Kevin Sheen from Perficient said you need to know what's important to your customers: deadline, budget, scope, requirements flexibility, product scalability, etc. Use that to decide what metrics are important.
Paul Rayner explained that diagnostic metrics such as code complexity should be initiated by the team, owned by the team, and not reported upward in the organization. He used the analogy of a hospital patient who has his heart rate, temperature, & blood pressure measured. Those metrics are used in combination by doctors and nurses as diagnostic measures, but not reported up to the hospital's board of directors. The problem is that most managers don't understand those metrics and managers generally shouldn't care about them, either. The metrics reported upward to management should be ones needed to make management decisions - about budgeting, schedule, scope. Kevin Sheen pointed out that generally when higher level management wants to "open the hood" and look at these metrics it's because they don't trust that the development team will meet it's estimates, and additional metrics give them a false sense of control over projects.
Brian Boelsterli said that a project's reporting metrics (distinguished from diagnostic metrics) should be clearly rolled up to corporate KPIs. Each project should be able to demonstrate how it is contributing to those KPIs.

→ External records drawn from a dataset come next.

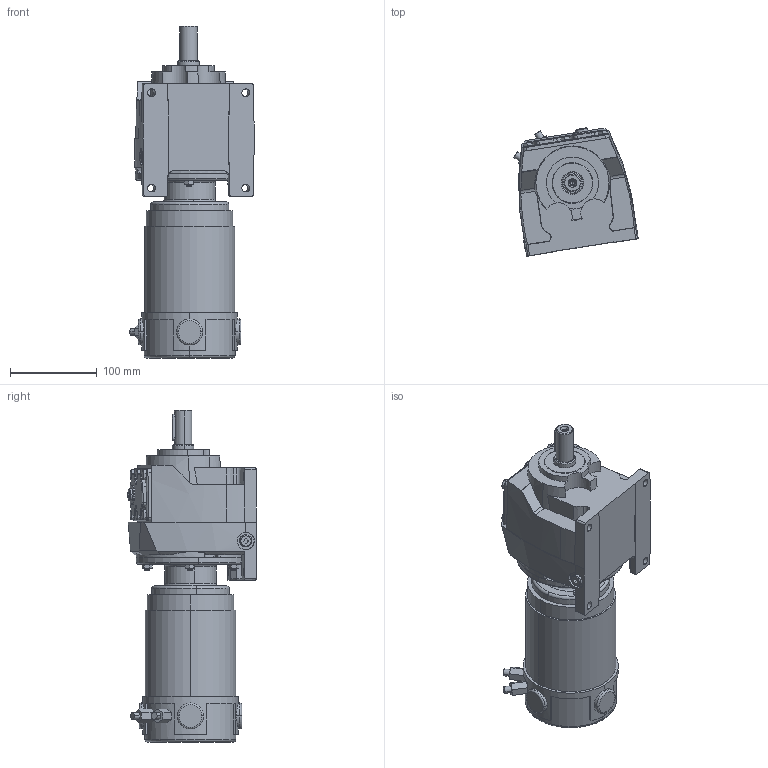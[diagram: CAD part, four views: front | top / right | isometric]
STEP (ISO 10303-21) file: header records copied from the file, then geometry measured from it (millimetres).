
FILE_DESCRIPTION (( 'STEP AP203' ), '1' );
FILE_NAME ('MV003-63_DC250_IP40.STEP', '2023-09-15T07:25:05', ( '' ), ( '' ), 'SwSTEP 2.0', 'SolidWorks 2021', '' );
FILE_SCHEMA (( 'CONFIG_CONTROL_DESIGN' ));
Length unit declared in the file: millimetre
Products named in the file (6): MV003-63_DC250_IP40; ML11A_Varsayìlan; EC_250_120_63_B14_IP40.3d; MN_00_3_0_A-B06_B14; M003_Varsayìlan; 0363B14_Varsayìlan
Assembly tree (5 placements, depth 3):
  MV003-63_DC250_IP40
    EC_250_120_63_B14_IP40.3d
    MN_00_3_0_A-B06_B14
      M003_Varsayìlan
      0363B14_Varsayìlan
      ML11A_Varsayìlan
Bounding box: 143.71 x 148.07 x 383 mm (x, y, z)
Volume: 3194780.8 mm3; surface area: 240389.1 mm2
Topology: 4 solids, 24 shells, 852 faces, 2060 edges, 1258 vertices
Faces by surface type: plane 301, cone 255, cylinder 254, bspline 24, torus 18
Entity records: 26808 total; most frequent: CARTESIAN_POINT 6319, DIRECTION 4323, ORIENTED_EDGE 4084, EDGE_CURVE 2042, AXIS2_PLACEMENT_3D 1716, VERTEX_POINT 1258, EDGE_LOOP 928, VECTOR 891
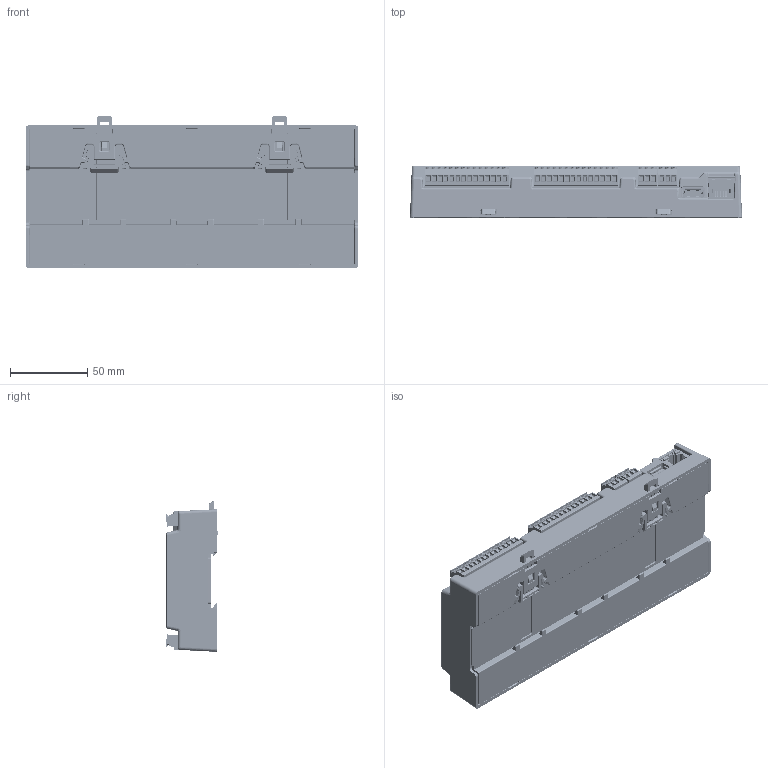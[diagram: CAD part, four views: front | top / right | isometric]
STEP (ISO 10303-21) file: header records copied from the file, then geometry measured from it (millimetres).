
FILE_DESCRIPTION (( 'STEP AP214' ), '1' );
FILE_NAME ('XP3XX_20230502.STEP', '2023-05-05T16:35:08', ( '' ), ( '' ), 'SwSTEP 2.0', 'SolidWorks 2021', '' );
FILE_SCHEMA (( 'AUTOMOTIVE_DESIGN' ));
Length unit declared in the file: millimetre
Products named in the file (25): Cópia de Cópia de CF201400678^66.017.100-6_NL717; Cópia de Cópia de CF301400678^66.017.100-6_NL717; Cópia de 00.301.784-1^Cópia de Cópia de CF301400678_66.017.100-6_NL717; Cópia de 00.303.118-6^Cópia de Cópia de CM101400678_66.017.100-6_NL717; Cópia de 00.303.118-6^Cópia de Cópia de CM701400678_66.017.100-6_NL717; Cópia de 00.303.116-0^Cópia de Cópia de CM201400678_66.017.100-6_NL717; Cópia de Cópia de CM601400678^66.017.100-6_NL717; Cópia de Cópia de CM201400678^66.017.100-6_NL717; Case_bottom; Cópia de Cópia de CM101400678^66.017.100-6_NL717; Cópia de 00.303.118-6^Cópia de Cópia de CM401400678_66.017.100-6_NL717; 00.303.119-4; XP3XX_20230502; Case_top; Cópia de 00.303.118-6^Cópia de Cópia de CM601400678_66.017.100-6_NL717; 00.303.117-8; Cópia de Cópia de CM401400678^66.017.100-6_NL717; Cópia de Cópia de CM301400678^66.017.100-6_NL717; Overlay; Cópia de 00.303.118-6^Cópia de Cópia de CM501400678_66.017.100-6_NL717; Cópia de Cópia de CM501400678^66.017.100-6_NL717; Cópia de Cópia de CM701400678^66.017.100-6_NL717; Cópia de 00.303.116-0^Cópia de Cópia de CM301400678_66.017.100-6_NL717; 01.100.289-0(ALT-2); Cópia de 00.301.952-6^Cópia de Cópia de CF201400678_66.017.100-6_NL717
Assembly tree (30 placements, depth 3):
  XP3XX_20230502
    Cópia de Cópia de CM101400678^66.017.100-6_NL717
      Cópia de 00.303.118-6^Cópia de Cópia de CM101400678_66.017.100-6_NL717
    Cópia de Cópia de CM701400678^66.017.100-6_NL717
      Cópia de 00.303.118-6^Cópia de Cópia de CM701400678_66.017.100-6_NL717
    Cópia de Cópia de CM601400678^66.017.100-6_NL717
      Cópia de 00.303.118-6^Cópia de Cópia de CM601400678_66.017.100-6_NL717
    Cópia de Cópia de CM401400678^66.017.100-6_NL717
      Cópia de 00.303.118-6^Cópia de Cópia de CM401400678_66.017.100-6_NL717
    Cópia de Cópia de CM501400678^66.017.100-6_NL717
      Cópia de 00.303.118-6^Cópia de Cópia de CM501400678_66.017.100-6_NL717
    Cópia de Cópia de CM301400678^66.017.100-6_NL717
      Cópia de 00.303.116-0^Cópia de Cópia de CM301400678_66.017.100-6_NL717
    Cópia de Cópia de CM201400678^66.017.100-6_NL717
      Cópia de 00.303.116-0^Cópia de Cópia de CM201400678_66.017.100-6_NL717
    Cópia de Cópia de CF201400678^66.017.100-6_NL717
      Cópia de 00.301.952-6^Cópia de Cópia de CF201400678_66.017.100-6_NL717
    Cópia de Cópia de CF301400678^66.017.100-6_NL717
      Cópia de 00.301.784-1^Cópia de Cópia de CF301400678_66.017.100-6_NL717
    01.100.289-0(ALT-2)  x2
    00.303.119-4  x5
    00.303.117-8  x2
    Overlay
    Case_top
    Case_bottom
Bounding box: 214.9 x 33.2 x 98.33 mm (x, y, z)
Volume: 555073.4 mm3; surface area: 186972.3 mm2
Topology: 21 solids, 39 shells, 14131 faces, 37861 edges, 24852 vertices
Faces by surface type: plane 7866, bspline 3202, cylinder 2483, cone 568, sphere 12
Entity records: 416465 total; most frequent: CARTESIAN_POINT 122355, ORIENTED_EDGE 53184, DIRECTION 33431, EDGE_CURVE 26592, VERTEX_POINT 17486, LINE 15331, VECTOR 15331, EDGE_LOOP 10682

Several panelists and audience members spoke about that potential dysfunction that can result when diagnostic metrics are used as carrots or sticks to measure or evaluate individual team members. To avoid dysfunction diagnostic metrics should be chosen by and valued by developers. Even when measured at the team level, compensating metrics should be used: for example if you collect a productivity metric then you should also collect quality metrics so that people don't sacrifice quality for apparent productivity.
Paul Rayner said that he likes the following diagnostic metrics at the development team level:
- Cyclomatic complexity - average per namespace and per method
- Total lines of code - monitor the trend over time. Should level off or decrease with refactoring.
- Coupling - to find classes that have too many dependencies
These technical metrics in my view are very valuable indicators - they help you decide when and where a qualitative analysis is required. For example, if you want to know where to get the most bang for your buck on refactoring, look for methods with high cyclomatic complexity or classes with high coupling.